According to Brown (1996), ideal items of a norm-referenced language test should have an average IF of 0.50, and be in the range of 0.3 to 0.7 to be considered acceptable. Ebel’s guidelines (1979) for item discrimination consider an ID of greater than 0.2 to be satisfactory. These are the criteria I generally abide by when piloting test questions, after, of course, first confirming that these items are valid and also devoid of redundancy.
A Comparison Of The 2002 And 2003 Placement Tests
Table 3: A Comparison of the 2002 and 2003 placement tests
Reliability | Average | SD | SEM | IF<0.3 | 0.3=<IF<0.7 | IF>0.7 | ID>0.2 | |
2002 | 0.57 | 16.09 | 4.95 | 3.26 | 27 | 23 | 0 | 2 |
2003 | 0.74 | 24.8 | 6.71 | 3.44 | 3 | 40 | 7 | 38 |
A statistical analysis of the 2003 50-item test showed a great improvement compared to the previous year (see Table 3), with just ten items now falling outside the criteria guidelines. The average score of the 2003 test was very close to the ideal, but the reliability was still not as good as it should have been. Despite this, we were still able to identify and make provision for the highest and lowest scoring students, and feedback from all classes, thus far, has generally been very positive.
Conclusion
I plan to extend my database of acceptable test items to employ in developing the test for 2004. The reliability should improve once the bad items are replaced with acceptable ones, and distractor efficiency analysis may help to pinpoint which acceptable items can be modified further.
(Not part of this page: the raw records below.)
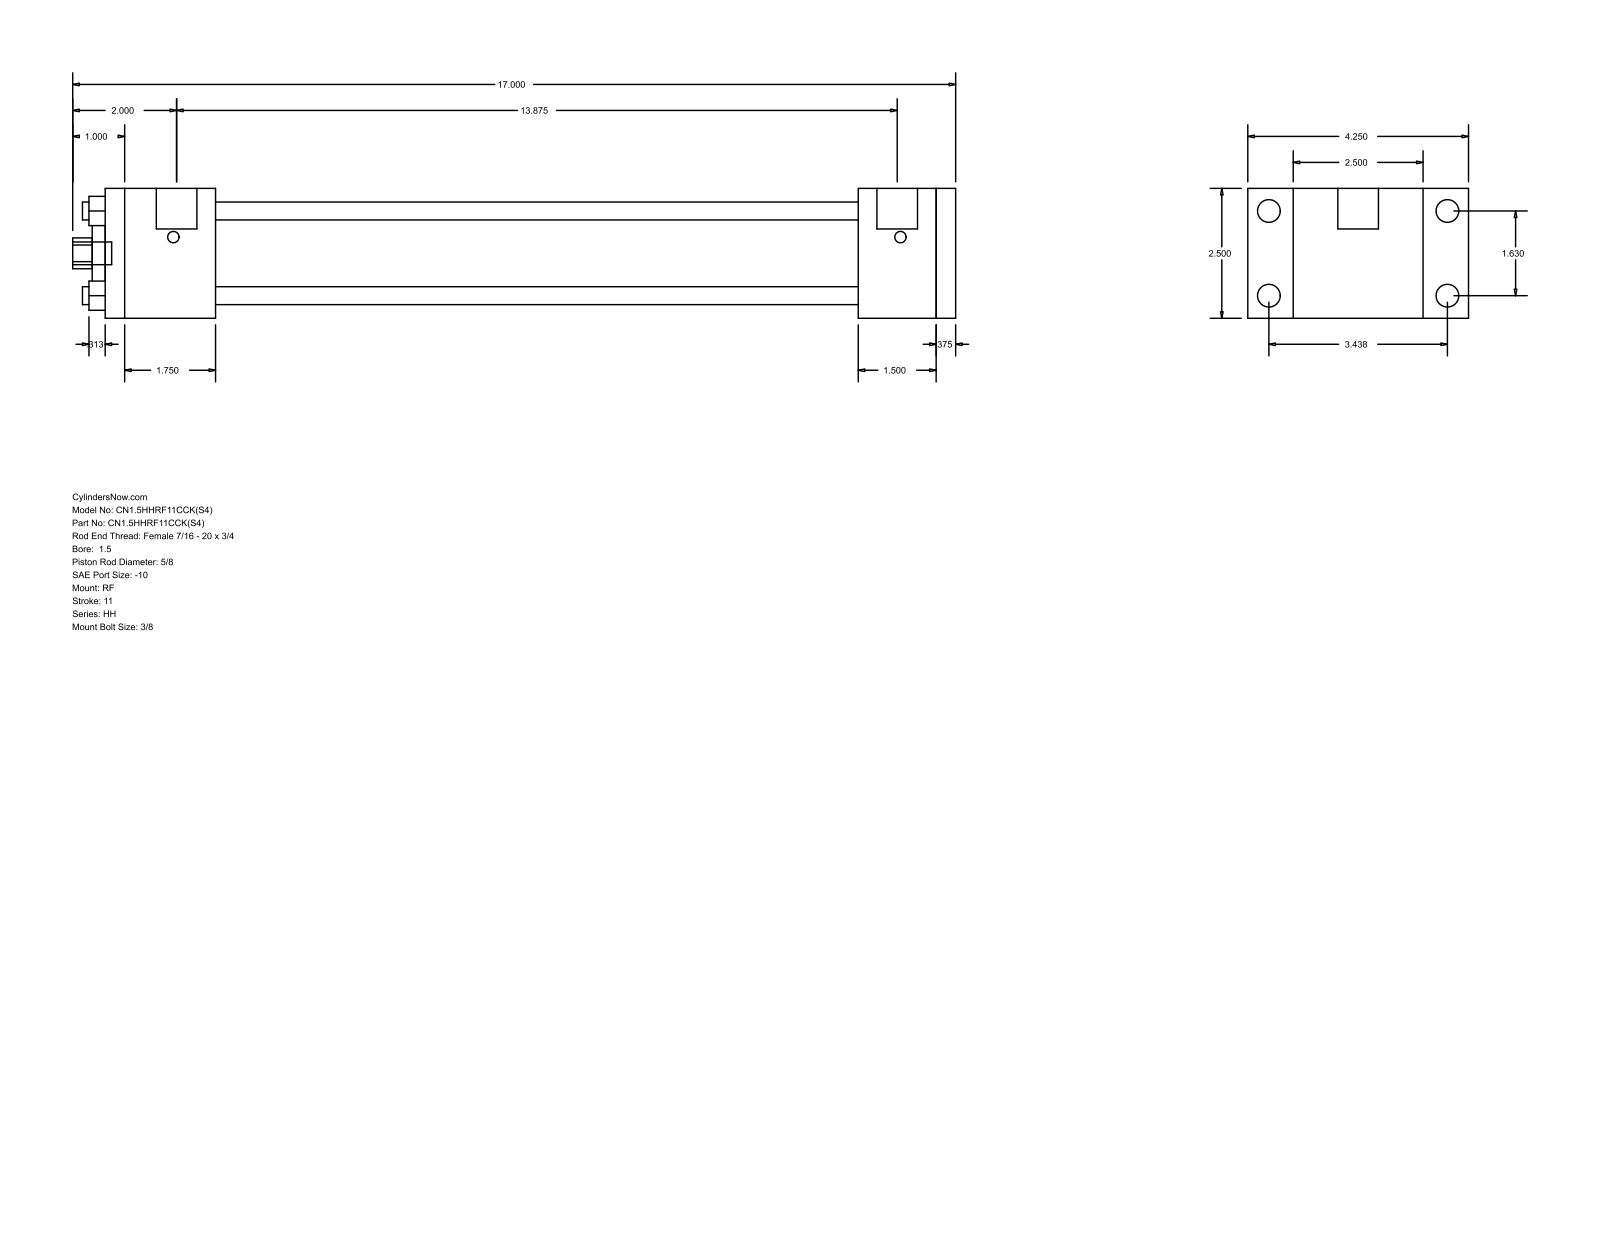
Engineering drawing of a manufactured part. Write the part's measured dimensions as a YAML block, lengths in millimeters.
part_name: "HH_RF__0150_0.625"
step_written_by: "GSSL Pune (CONFIG_CONTROL_DESIGN)"
units: millimeters
bodies: {solids: 0, faces: 92, planar: 64, cylindrical: 28, other: 0}
overall_size: [431.8, 107.95, 63.5]
round_holes:
  - {diameter: 8.76, count: 4}
  - {diameter: 15.88, count: 1}
  - {diameter: 28.57, count: 1}
  - {diameter: 44.45, count: 1}
round_bosses_or_shafts:
  - {diameter: 11.13, count: 4}
  - {diameter: 5.56, count: 4}
  - {diameter: 19.84, count: 2}
  - {diameter: 11.11, count: 1}
partial_cylinders:
  - {radius: 7.54, count: 1}
face_to_face_distances: [63.5, 415.92, 9.53, 406.39, 53.97, 368.3, 314.33, 352.42, 361.95, 38.09]
hole_center_spacings: [29.27, 41.4, 58.55]
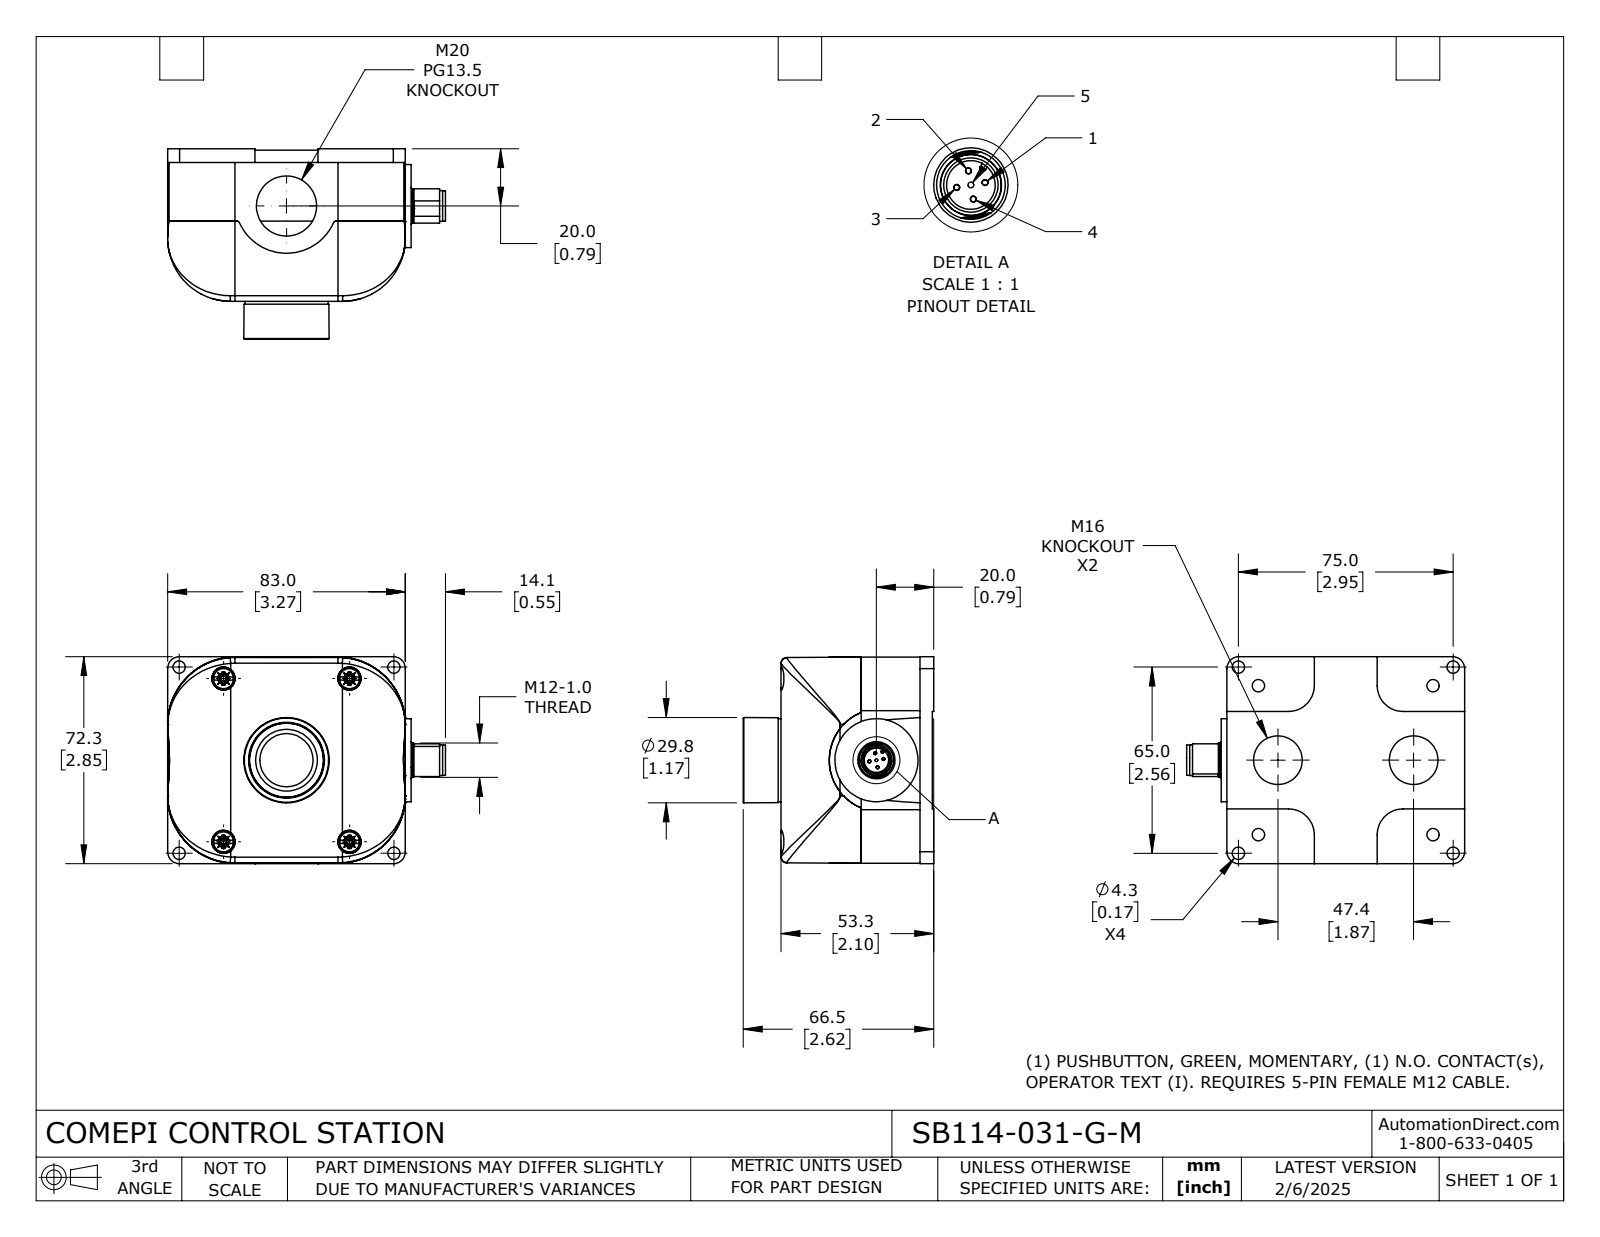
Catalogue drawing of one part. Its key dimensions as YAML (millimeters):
part_name: "SB114-031-G-M"
step_written_by: "SolidWorks 2024 (CONFIG_CONTROL_DESIGN)"
units: millimeters
bodies: {solids: 10, faces: 786, planar: 370, cylindrical: 273, other: 143}
overall_size: [97.1, 72.3, 66.5]
volume: 216800
surface_area: 61500
round_holes:
  - {diameter: 4.3, count: 8}
  - {diameter: 1, count: 4}
  - {diameter: 1.7, count: 4}
  - {diameter: 2.2, count: 4}
  - {diameter: 8.2, count: 4}
  - {diameter: 17, count: 2}
  - {diameter: 21, count: 2}
  - {diameter: 8.5, count: 1}
  - {diameter: 13.5, count: 1}
  - {diameter: 18.1, count: 1}
  - {diameter: 21.7, count: 1}
round_bosses_or_shafts:
  - {diameter: 1, count: 5}
  - {diameter: 7, count: 4}
  - {diameter: 2.2, count: 4}
  - {diameter: 1.7, count: 4}
  - {diameter: 29, count: 2}
  - {diameter: 0.6, count: 2}
  - {diameter: 26.4, count: 1}
  - {diameter: 25.8, count: 1}
partial_cylinders:
  - {radius: 0.5, count: 5}
  - {radius: 0.9, count: 4}
  - {radius: 2, count: 4}
  - {radius: 9, count: 4}
  - {radius: 9.7, count: 4}
  - {radius: 23.5, count: 4}
  - {radius: 0.2, count: 2}
  - {radius: 0.3, count: 2}
face_to_face_distances: [24.8, 2.5, 22.3, 52.8, 50.3, 28, 3, 53.3, 0.5, 25.3]
hole_center_spacings: [9.6, 26.9, 35.3, 40.1, 49.6, 58.9, 60.1, 68.3]

My main concern, however, is the very small standard deviation. If it remains stubbornly small, we may have to conclude that our students are simply too homogenous to be streamed effectively, and that may ultimately force us to reconsider establishing mixed-ability classes.
References
Brown, J.D. (1996). Testing in language programs. Upper Saddle River, NJ: Prentice Hall.
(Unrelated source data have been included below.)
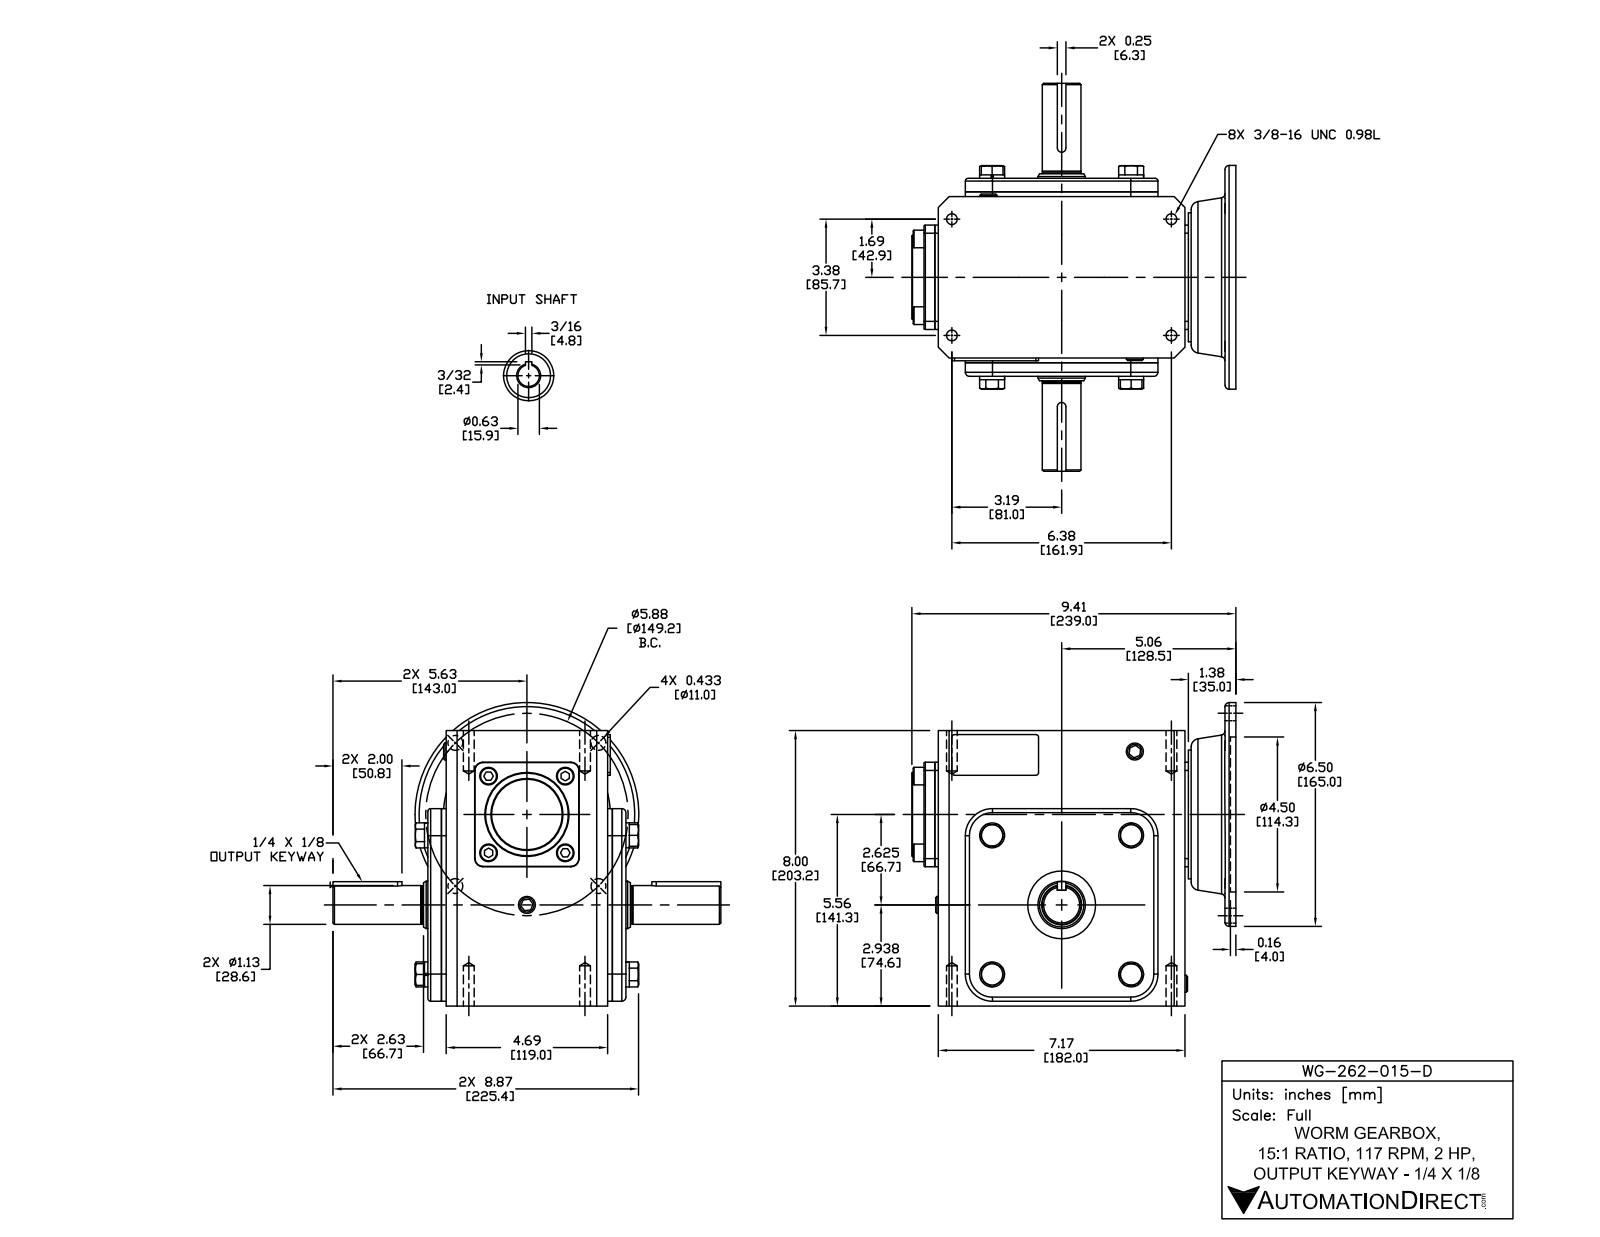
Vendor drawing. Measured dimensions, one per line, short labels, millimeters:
name: WG-262-015-D
written by: SolidWorks 2015 (CONFIG_CONTROL_DESIGN)
unit: mm
bodies: 39 solids, 562 faces (307 planar, 150 cylindrical, 105 other)
size: 286 × 239 × 223.8
volume: 5 278 000 mm³; area: 408 100 mm²
holes: 4× ⌀8, 4× ⌀10.3, 1× ⌀15, 1× ⌀15.9, 1× ⌀30, 1× ⌀35, 1× ⌀37, 1× ⌀50, 1× ⌀97, 1× ⌀114.3
bosses: 4× ⌀18.4, 4× ⌀13, 1× ⌀165, 1× ⌀62, 1× ⌀52, 1× ⌀29, 1× ⌀28.6, 1× ⌀28.3
rounds: 8× R2, 8× R3, 4× R6, 4× R20, 2× R0.5, 2× R1, 2× R3.2
face distances: 126, 10, 136, 132.5, 13.5, 3.5, 122.5, 203.2, 2.5, 184.5
hole spacings: 74.6, 105.5, 54.6, 85.7, 130.6, 149.2, 161.9, 183.2

Dudek, F.J. (1979). The continuing misinterpretation of the standard error of measurement. Psychological Bulletin, 86, 335-337.
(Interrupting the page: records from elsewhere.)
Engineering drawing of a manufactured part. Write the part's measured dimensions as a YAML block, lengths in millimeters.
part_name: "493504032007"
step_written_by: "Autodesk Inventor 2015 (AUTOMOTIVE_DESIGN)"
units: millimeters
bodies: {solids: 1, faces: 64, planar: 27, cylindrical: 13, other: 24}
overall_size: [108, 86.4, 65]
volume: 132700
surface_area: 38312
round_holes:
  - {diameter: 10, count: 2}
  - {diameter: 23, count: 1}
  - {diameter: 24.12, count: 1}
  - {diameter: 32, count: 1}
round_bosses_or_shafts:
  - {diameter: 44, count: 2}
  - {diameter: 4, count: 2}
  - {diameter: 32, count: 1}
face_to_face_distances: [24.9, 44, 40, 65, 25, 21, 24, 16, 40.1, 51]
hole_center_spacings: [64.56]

Ebel, R.L. (1979). Essentials of educational measurement (3rd ed.). Englewood Cliffs, NJ: Prentice Hall.
Elvin, C. (2003a). Elvin’sdata.xls [Online]. Retrieved September 26, 2003, from
<www.eflclub.com/elvin/publications/2003/Elvinsdata.xls>.
Elvin, C. (2003b). Elvin’soutput.xls [Online]. Retrieved September 26, 2003, from <www.eflclub.com/elvin/publications/2003/Elvinsoutput.xls>.
Hatch, E. & Lazaraton, A. (1991). The research manual: Design and statistics for applied linguists. Boston, MA: Heinle & Heinle.
Iteman (Version 3.6). (1997). [Computer software]. St. Paul, MN: Assessment Systems Corporation.
Spearman, C. (1904). “General intelligence,” objectively determined and measured. American Journal of Psychology, 15, 201-293.